ACTIVITY: Each line in the records that mentions the word "DIRECTION" needs to be listed.

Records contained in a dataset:

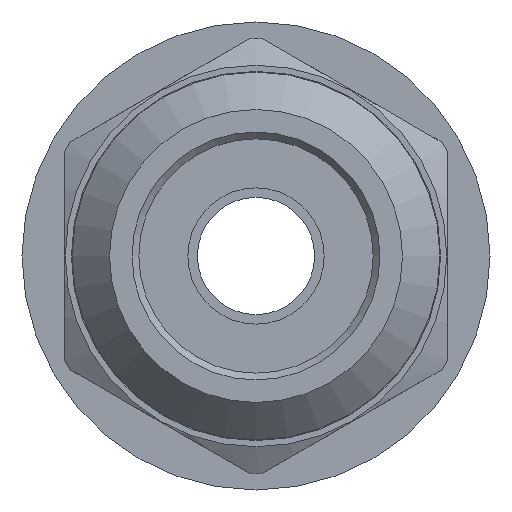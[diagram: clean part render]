
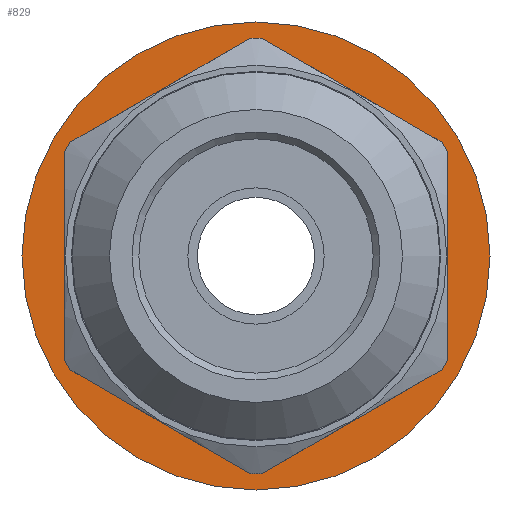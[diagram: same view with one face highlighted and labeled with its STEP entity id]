
A CAD part, front view. The second image highlights one B-rep face of the part: STEP entity #829.
In plain terms, the highlighted planar face has unit normal (0, -1, 0).
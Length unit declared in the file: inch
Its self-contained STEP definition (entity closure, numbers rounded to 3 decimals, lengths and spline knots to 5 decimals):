
#48=FACE_BOUND('',#164,.T.);
#61=PLANE('',#936);
#111=FACE_OUTER_BOUND('',#163,.T.);
#163=EDGE_LOOP('',(#643,#644));
#164=EDGE_LOOP('',(#645,#646));
#301=CIRCLE('',#937,0.3435);
#302=CIRCLE('',#938,0.3435);
#303=CIRCLE('',#939,0.164);
#304=CIRCLE('',#940,0.164);
#378=VERTEX_POINT('',#1400);
#379=VERTEX_POINT('',#1401);
#380=VERTEX_POINT('',#1404);
#381=VERTEX_POINT('',#1405);
#478=EDGE_CURVE('',#378,#379,#301,.T.);
#479=EDGE_CURVE('',#379,#378,#302,.T.);
#480=EDGE_CURVE('',#380,#381,#303,.T.);
#481=EDGE_CURVE('',#381,#380,#304,.T.);
#643=ORIENTED_EDGE('',*,*,#478,.T.);
#644=ORIENTED_EDGE('',*,*,#479,.T.);
#645=ORIENTED_EDGE('',*,*,#480,.F.);
#646=ORIENTED_EDGE('',*,*,#481,.F.);
#829=ADVANCED_FACE('',(#111,#48),#61,.T.);
#936=AXIS2_PLACEMENT_3D('',#1399,#1126,#1127);
#937=AXIS2_PLACEMENT_3D('',#1402,#1128,#1129);
#938=AXIS2_PLACEMENT_3D('',#1403,#1130,#1131);
#939=AXIS2_PLACEMENT_3D('',#1406,#1132,#1133);
#940=AXIS2_PLACEMENT_3D('',#1407,#1134,#1135);
#1126=DIRECTION('center_axis',(0.,-1.,0.));
#1127=DIRECTION('ref_axis',(0.,0.,-1.));
#1128=DIRECTION('center_axis',(0.,-1.,0.));
#1129=DIRECTION('ref_axis',(1.,0.,0.));
#1130=DIRECTION('center_axis',(0.,-1.,0.));
#1131=DIRECTION('ref_axis',(1.,0.,0.));
#1132=DIRECTION('center_axis',(0.,-1.,0.));
#1133=DIRECTION('ref_axis',(1.,0.,0.));
#1134=DIRECTION('center_axis',(0.,-1.,0.));
#1135=DIRECTION('ref_axis',(1.,0.,0.));
#1399=CARTESIAN_POINT('Origin',(0.,0.,-0.164));
#1400=CARTESIAN_POINT('',(0.,0.,-0.3435));
#1401=CARTESIAN_POINT('',(0.,0.,0.3435));
#1402=CARTESIAN_POINT('Origin',(0.,0.,0.));
#1403=CARTESIAN_POINT('Origin',(0.,0.,0.));
#1404=CARTESIAN_POINT('',(0.,0.,-0.164));
#1405=CARTESIAN_POINT('',(0.,0.,0.164));
#1406=CARTESIAN_POINT('Origin',(0.,0.,0.));
#1407=CARTESIAN_POINT('Origin',(0.,0.,0.));

REPLY:
#1126=DIRECTION('center_axis',(0.,-1.,0.));
#1127=DIRECTION('ref_axis',(0.,0.,-1.));
#1128=DIRECTION('center_axis',(0.,-1.,0.));
#1129=DIRECTION('ref_axis',(1.,0.,0.));
#1130=DIRECTION('center_axis',(0.,-1.,0.));
#1131=DIRECTION('ref_axis',(1.,0.,0.));
#1132=DIRECTION('center_axis',(0.,-1.,0.));
#1133=DIRECTION('ref_axis',(1.,0.,0.));
#1134=DIRECTION('center_axis',(0.,-1.,0.));
#1135=DIRECTION('ref_axis',(1.,0.,0.));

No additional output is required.